It seems like you’re advocating for people to be publicly shamed more for their unconscious bad intentions, and this seems both super bad for social fabric (and witch-hunt-permitting) while imo not adding very much capacity to change due to point (2), and would be much better accomplished by a culture of forgiveness such that the elephant lets people look at it. Are there parts of this you strongly disagree with?
I’m not in favor of shaming people. I’m strongly in favor of forgiveness. Justice in the current context requires forgiveness because of how thoroughly the forces of deception have prevailed, and how motivated people are to extend coverups to avoid punishment. Law fought fraud, and fraud won.
It’s important to be very clear on what actually happened (incl. about violations), AND to avoid punishing people. Truth and reconciliation.
Justice in the current context requires forgiveness because of how thoroughly the forces of deception have prevailed, and how motivated people are to extend coverups to avoid punishment. Law fought fraud, and fraud won.
This seems really important for understanding where you’re at, and I don’t get it yet.
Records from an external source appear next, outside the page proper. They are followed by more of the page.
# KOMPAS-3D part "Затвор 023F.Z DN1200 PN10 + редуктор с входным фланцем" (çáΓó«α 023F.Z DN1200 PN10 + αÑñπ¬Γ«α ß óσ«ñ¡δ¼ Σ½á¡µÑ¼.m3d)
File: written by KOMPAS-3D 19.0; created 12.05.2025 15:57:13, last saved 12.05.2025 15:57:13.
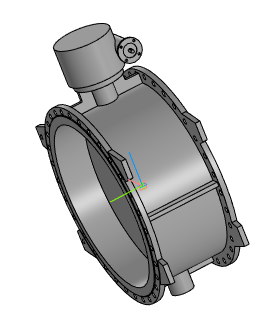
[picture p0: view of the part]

Document properties: Полное имя файла: ..\Затвор 023F.Z DN1200 PN10 + редуктор с входным фланцем.a3d

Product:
- Part/product: Затвор 023F.Z DN1200 PN10 + редуктор с входным фланцем
    Масса: 2055.8

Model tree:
1. Операция без истории:1
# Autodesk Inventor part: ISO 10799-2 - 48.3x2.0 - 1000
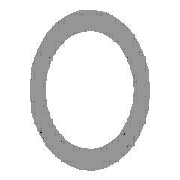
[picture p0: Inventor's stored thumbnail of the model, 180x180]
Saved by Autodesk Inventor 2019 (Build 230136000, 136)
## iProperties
IsCustomPart: 1
Created: 2018-07
Part Number: ISO 10799-2 - 48.3x2.0 - 1000
Material: Acier, doux
Description: Aciers de construction - Coupes creuses profilées formées à froid, soudées
Document SubType Name: Modeling
Standard: ISO
Designer: Fabian Perrée
Standard Revision: First edition 2011-09-15
Standards Organization: ISO
Language: fr-FR
Size Designation: 48.3x2.0
Categories: <MemberInstance><Categories><Category DisplayName="Profilés" InternalName="089c4875-fa83-4c05-b084-43b9cc11f5ed" Mnemonic="GRDR"><CategoryParameter DisplayName=
Stock Number: 48.3x2.0
Density: 7.85 g/cm^3
Appearance: Semi-poli
Mass: 2283.66 g
Surface Area: 2914.93 cm^2
Volume: 290.911 cm^3
_CCFamilyMember: 14
_CCFamilyDisplayName: ISO 10799-2 (Profils creux circulaires - Formés à froid) - Aciers de construction - Coupes creuses profilées formées à froid, soudées
_FrameMemberDoc: Frame Member File
_Version: 15.0.0
_GetPNFromCC: 1
G_L: 1000,000 mm
G_W: 48,300 mm
G_H: 48,300 mm
Author: Fabian Perrée
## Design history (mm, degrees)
node "Plan de départ"
node "Plan de fin"
sketch "Esquisse"
  geometry: C1 r 22.15 at (0, 0); C2 r 24.15 at (0, 0); 2 further points
  constraints: 3 coincident, 2 centre point
  dimensions: "d0" = 48.3 diameter of C2 (= G_H); "d1" = 2 radial gap between concentric circles of C2 C1 (= G_T)
extrude "Corps" new body sketch "Esquisse" stored distance "d2" = 1000 (= G_L); taper "d3" = 0 deg
node "Driven Length"
  sketch "Sketch3"
    geometry: L1 (0, 0)-(10, 0) reference
    constraints: 2 end point, 1 horizontal
  workplane "Work Plane3"
  sketch "Sketch4"
    geometry: L1 (-2, 0)-(12, 0) reference; L2 (-2, 1000)-(12, 1000) reference
    dimensions: "d7" = 1000 distance between parallel lines of L1 L2 (derived)
body "Solid1"
other parameters: "G_H" = 48.3 [user parameter; used in 1 equation term], "G_T" = 2 [user parameter; used in 1 equation term], "G_L" = 1000 (= d7) [user parameter; used in 1 equation term], "G_OFFSET_START" = 0 [user parameter; used in 1 equation term], "G_OFFSET_END" = 0 [user parameter; used in 1 equation term], "d4" = 0 (computed from G_OFFSET_START), "d6" = 90 deg, "MAS" = 0.228 [user parameter]

I would love a concrete example of people being motivated to extend coverups to avoid punishment.
It’s important to be very clear on what actually happened (incl. about violations), AND to avoid punishing people. Truth and reconciliation.
I think this a very much underrated avenue to improve lots of things. I’m a little sad at the thought that neither are likely without the looming threat of possible punishment.
This is an excellent point. The more relevant boundary seems like the one we usually refer to with the phrase “should have known”—and indeed this is more or less the notion that the courts use.
The question, then, is: do we have a satisfying account of “should have known”? If so: can we describe it sensibly and concisely? If not: can we formulate one?
I roughly agree with this being the most promising direction. In my mind the problem isn’t “did so-and-so lie, or rationalize?” the question is “was so-and-so demonstratably epistemically negligent?”. If so, and if you can fairly apply disincentives (or, positive incentives on how to be epistemically non-negligent), then the first question just doesn’t matter.
In actual law, we have particular rules about what people are expected to know. It is possible we could construct such rules for LessWrong and/or the surrounding ecosystems, but I think doing so is legitimately challenging.
I disagree that answering the first question doesn’t matter—that’s a very extreme “mistake theory” lens.
If someone is actively adversarial vs. biased but open to learning, that changes quite a bit about how leaders and others in the community should approach the situation.
I do agree that it’s important to have the “are they actively adversarial” hypothesis and corresponding language. (This is why I’ve generally argued against the conflation of lying and rationalization).
But I also think, at least in most of the disagreements and conflicts I’ve seen so far, much of the problem has had more to do with rationalization (or, in some cases, different expectations of how much effort to put into intellectual integrity)
I think there is also an undercurrent of genuine conflict (as people jockey for money/status) that manifests primarily through rationalization, and in some cases duplicity.*
*where the issue is less about people lying but is about them semi-consciously presenting different faces to different people.
Indeed, I agree that it would be more challenging for us, and I have some thoughts about why that would be and how to mitigate it. That said, I think the most productive and actionable way to make progress on this is to look into the relevant legal standards: what standards are applied in criminal proceedings (in the U.S.? elsewhere?) to “should have known”? to cases of civil liability? contract law? corporate law? etc. By looking at what constraints these sorts of situations place on people, and what epistemic obligations are assumed, we can get some insight into how our needs might be similar and/or different, compared to those contexts, which should give us ideas on how to formulate the relevant norms.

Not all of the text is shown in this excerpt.